Example of Desired Result:
<p>Who trained Obi-Wan Kenobi?</p>
<ul>
<li>Mace Windu</li>
<li class="correct submitted">Qui-Gon Jinn</li>
<li>Ki-Adi-Mundi</li>
<li>Yaddle</li>
</ul>
Firstly, there is nothing wrong with whitespace in attribute values in XML: roughly speaking, attribute value normalization converts whitespace characters to spaces and collapses adjacent spaces to a single space when a document is parsed, but whitespace is definitely allowed. EDIT: See below for more on this.
Matthew Wilson's approach fails to include whitespace between the possible values, as you mention in your comment thereto. However, his approach is fundamentally sound. The final piece of the jigsaw is your dislike of redundant spaces: these can be eliminated by use of the normalize-space XPath function.
The following stylesheet puts all the bits together - note that it doesn't do anything with its input document, so for testing purposes you can run it against any XML document, or even against itself, to verify that the output meets your requirements.

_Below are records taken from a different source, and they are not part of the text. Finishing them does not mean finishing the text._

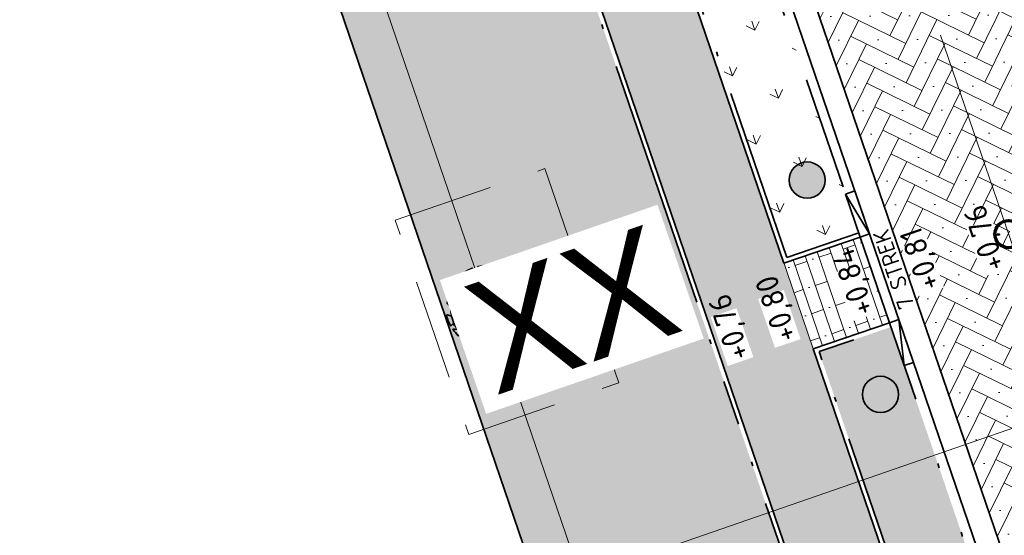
# Model space of a CAD drawing. Header units: metres. Extents: x 264779 to 275389, y 575281 to 580396.
# Tile 143 of 174: x 265509 to 265531, y 576957 to 576968. Entities that reach past the tile are written whole.
import ezdxf
from ezdxf.enums import TextEntityAlignment as Align

# ---------------------------------------------------------------- set-up
doc = ezdxf.new("R2018")
doc.units = ezdxf.units.M
for name, pattern in [('AM-AS', [16, 10, -2, 2, -2]), ('B-WE-VH-KANTOPSLUITING_OPSLUITBAND_[AFMETINGEN1]-G', [10, 5.5, -0.875, 0, -0.875, 1, -0.875, 0, -0.875]), ('B-WE-VH-KANTOPSLUITING_TROTTOIRBAND_RWS_[AFMETINGEN1]-G', [10, 2.5, -1.5, 0, -1.5, 0, -1.5, 0, -1.5, 0, -1.5]), ('HIDDEN', [9.525, 6.35, -3.175])]:
    doc.linetypes.add(name, pattern=pattern)
for name, color, linetype, lineweight, true_color in [('B-WE-KL-TRACE-A', 9, 'Continuous', 13, 0x808080), ('N-GV-GR-BOOM-S', 7, 'Continuous', 35, 0x00a500), ('N-GV-GR-GRAS_BERMKRUIDENMENGSEL-A', 7, 'Continuous', 18, 0x00a500), ('N-OI-RI-BELUCHTINGSDRAINAGE_PVC_160-G', 3, 'B-WE-RI-DRAINAGE_PVC_160-G', 35, 0x00ff00), ('N-WE-VH-VERHARDING_STRAATBAKSTEEN_DIKFORMAAT_KEPER-ROOD-PAARS-A', 7, 'Continuous', 18, 0xa45729), ('N-WE-VH-VERHARDING_STRAATBAKSTEEN_WAALFORMAAT_HALF_PAARS-BRUIN-A', 7, 'Continuous', 18, 0x66332b)]:
    doc.layers.add(name, color=color, linetype=linetype, lineweight=lineweight, true_color=true_color)
for name, color, linetype, lineweight in [('N-WA-RI-DETAIL1-G', 1, 'HIDDEN', 18), ('N-WE-AM-AS-G', 10, 'AM-AS', 18), ('N-WE-GW-TALUD_KRUIN-G', 3, 'Continuous', 35), ('N-WE-VH-GOOT_SBS-G', 40, 'Continuous', 35), ('N-WE-VH-KANTOPSLUITING_ELEMENT_VERLOOPBAND_110-220x250_190-220x160-G', 40, 'Continuous', 35), ('N-WE-VH-KANTOPSLUITING_INRITBAND_190-220x160-G', 60, 'B-WE-VH-KANTOPSLUITING_GAZONBAND_[AFMETINGEN1]-G', 35), ('N-WE-VH-KANTOPSLUITING_OPSLUITBAND_100x200-G', 60, 'B-WE-VH-KANTOPSLUITING_OPSLUITBAND_[AFMETINGEN1]-G', 35), ('N-WE-VH-KANTOPSLUITING_TROTTOIRBAND_RWS_110-220x250-G', 60, 'B-WE-VH-KANTOPSLUITING_TROTTOIRBAND_RWS_[AFMETINGEN1]-G', 35), ('N-WE-VH-KNIKLIJN_AANDUIDING-G', 30, 'Continuous', 18), ('N-WE-VH-VERHARDING_BETON-A', 254, 'Continuous', 18), ('N-WE-VH-VERHARDING_STRAATBAKSTEEN_DIKFORMAAT_KEPER-G', 40, 'Continuous', 35), ('N-WE-VH-VERHARDING_STRAATBAKSTEEN_WAALFORMAAT_HALF-G', 40, 'Continuous', 35), ('N-XX-AL-HOOGTELABEL-T25-M', 7, 'Continuous', 25), ('N-XX-AL-TOPOGRAFIE-G', 7, 'Continuous', 35), ('X-XX-AL-T18-1000', 10, 'Continuous', 18)]:
    doc.layers.add(name, color=color, linetype=linetype, lineweight=lineweight)
doc.layers.add('X-XX-AL-HULPLAAG-G', color=6, linetype='Continuous', lineweight=18, plot=False)
doc.layers.add('X-XX-AL-T70-250', color=210, linetype='Continuous', lineweight=70, plot=False)
doc.styles.add('NLCS-ISO-ANNOTATIVE-T18', font='NLCS-ISO.ttf', dxfattribs={"height": 1.8})
doc.styles.add('NLCS-ISO-M1000-T25', font='NLCS-ISO.ttf', dxfattribs={"height": 2.5})
doc.styles.get("Standard").update_dxf_attribs({"font": 'arial.ttf'})
doc.linetypes.add('B-WE-RI-DRAINAGE_PVC_160-G', pattern='A,10.25,-3,[160,NLCS.shx,S=0.25,R=0,X=0,Y=0],-3.5,["o",Standard,S=1,R=0,X=-0.35,Y=-0.35],-3.25', length=20)
doc.linetypes.add('B-WE-VH-KANTOPSLUITING_GAZONBAND_[AFMETINGEN1]-G', pattern='A,4,-3,[160,NLCS.shx,S=0.25,R=0,X=0,Y=0],-3', length=10)
pattern_1 = [(109.0885258, (229379.4453, 679350.7839), (-1.011904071, 0.491604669), [0.2109375, -1.380052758]), (64.0885258, (229379.4453, 679350.7839), (-1.011904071, 0.491604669), [0.2109375, -0.9140625]), (154.0885258, (229379.4453, 679350.7839), (-0.491604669, -1.011904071), [0.2109375, -0.9140625])]

# ---------------------------------------------------------------- blocks, each defined once
blk = doc.blocks.new('*U156')
for p, q in [((-0.5, 0), (0, 0.11)), ((0, 0.11), (-0.5, 0.11)), ((-0.5, 0.11), (-0.5, 0)), ((0, 0), (0, 0.11)), ((-0.5, 0), (0, 0))]:
    blk.add_line(p, q)
blk = doc.blocks.new('BOOM')
blk.add_lwpolyline([(0.4, 4.34), (0.41, 4.35), (0.41, 4.36), (0.42, 4.37), (0.43, 4.38), (0.44, 4.38), (0.44, 4.39), (0.45, 4.4), (0.46, 4.41), (0.46, 4.42), (0.47, 4.43), (0.47, 4.44), (0.48, 4.46), (0.48, 4.48), (0.47, 4.5), (0.47, 4.53), (0.44, 4.64, -0.52938), (0.49, 4.7, -0.087139), (2.05, 4.26, -0.372341), (2.11, 4.12), (2.17, 3.8), (2.01, 3.64), (1.84, 3.67), (1.63, 3.52), (1.71, 3.32), (1.92, 3.25), (2.5, 3.38), (2.64, 3.31), (2.63, 3.18), (2.5, 3.1), (2.38, 2.71), (2.53, 2.46), (2.92, 3.09, -0.504641), (3.14, 2.89, 0.331948), (3.27, 2.69, 0.282008), (3.68, 2.77), (3.65, 2.75, -0.512156), (3.84, 2.75, -0.16076), (4.7, -0.05), (4.59, -0.16), (4.59, -0.27), (4.48, -0.29), (4.5, -0.4), (4.33, -0.35), (4.28, -0.48), (4.48, -0.61), (4.55, -0.66), (4.66, -0.55, -0.106371), (4, -2.41), (3.42, -2.03), (3.31, -2.1), (3.24, -1.79), (3.03, -1.54), (2.79, -1.55), (2.79, -1.83), (2.61, -2.47), (2.64, -2.59), (2.77, -2.61), (3.62, -2.93, -0.236298), (-0.21, -4.62, 0.159625), (-0.32, -4.4, 0.350802), (-0.29, -4.17, -0.504641), (-0.55, -4.05), (-0.49, -3.84), (-0.6, -3.65), (-0.74, -3.67), (-0.76, -3.82), (-0.87, -3.88), (-1, -3.79), (-1.11, -3.2), (-1.19, -3.12), (-1.4, -3.13), (-1.46, -3.38), (-1.55, -3.41), (-1.63, -3.62), (-1.85, -3.5, 0.733583), (-1.77, -3.66, -0.861625), (-1.72, -3.81, 0.279978), (-1.88, -4.05), (-1.88, -4.06, -0.827056), (-2.04, -4.23, -0.116774), (-3.83, -2.36), (-3.79, -2.35), (-3.76, -2.34), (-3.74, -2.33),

<?xml version="1.0" encoding="UTF-8"?>
<xsl:stylesheet version="1.0" xmlns:xsl="http://www.w3.org/1999/XSL/Transform">
<xsl:variable name="foo0" select="false()"/>
<xsl:variable name="bar0" select="true()"/>
<xsl:variable name="foo1" select="true()"/>
<xsl:variable name="bar1" select="false()"/>
<xsl:variable name="foo2" select="true()"/>
<xsl:variable name="bar2" select="true()"/>
<xsl:template match="/">
<xsl:variable name="foobar0">
<xsl:if test="$foo0"> foo</xsl:if>
<xsl:if test="$bar0"> bar</xsl:if>
</xsl:variable>
<xsl:variable name="foobar1">
<xsl:if test="$foo1"> foo</xsl:if>
<xsl:if test="$bar1"> bar</xsl:if>
</xsl:variable>
<xsl:variable name="foobar2">
<xsl:if test="$foo2"> foo</xsl:if>
<xsl:if test="$bar2"> bar</xsl:if>
</xsl:variable>
<li>
<xsl:attribute name="class">
<xsl:value-of select="normalize-space($foobar0)"/>
</xsl:attribute>
</li>
<li>
<xsl:attribute name="class">
<xsl:value-of select="normalize-space($foobar1)"/>
</xsl:attribute>
</li>
<li>
<xsl:attribute name="class">
<xsl:value-of select="normalize-space($foobar2)"/>
</xsl:attribute>
</li>
</xsl:template>
</xsl:stylesheet>
EDIT: Further to the question of spaces separating discrete components within the value of an attribute: The XML Spec defines a number of possible valid constructs as attribute types, including IDREFS and NMTOKENS. The first case matches the Names production, and the second case matches the NMTokens production; both these productions are defined as containing multiple values of the appropriate type, delimited by spaces. So space-delimited lists of values as the value of a single attribute are an inherent component of the XML information set.
Off the top of my head, you can build up a space-separated list with something like:
<li>
<xsl:attribute name="class">
<xsl:if cond="...">correct</xsl:if>
<xsl:if cond="...">submitted</xsl:if>
</xsl:attribute>
</li>
As far as I know, white-space separated attribute values aren't a part of the XML data model and thus cannot directly be created via XSLT
Unless you are converting to an XML language (which HTML is not, XHTML is), you shouldn't worry about the XML validity of the XSLT ouput. This can be anything, and doesn't need to conform to XML!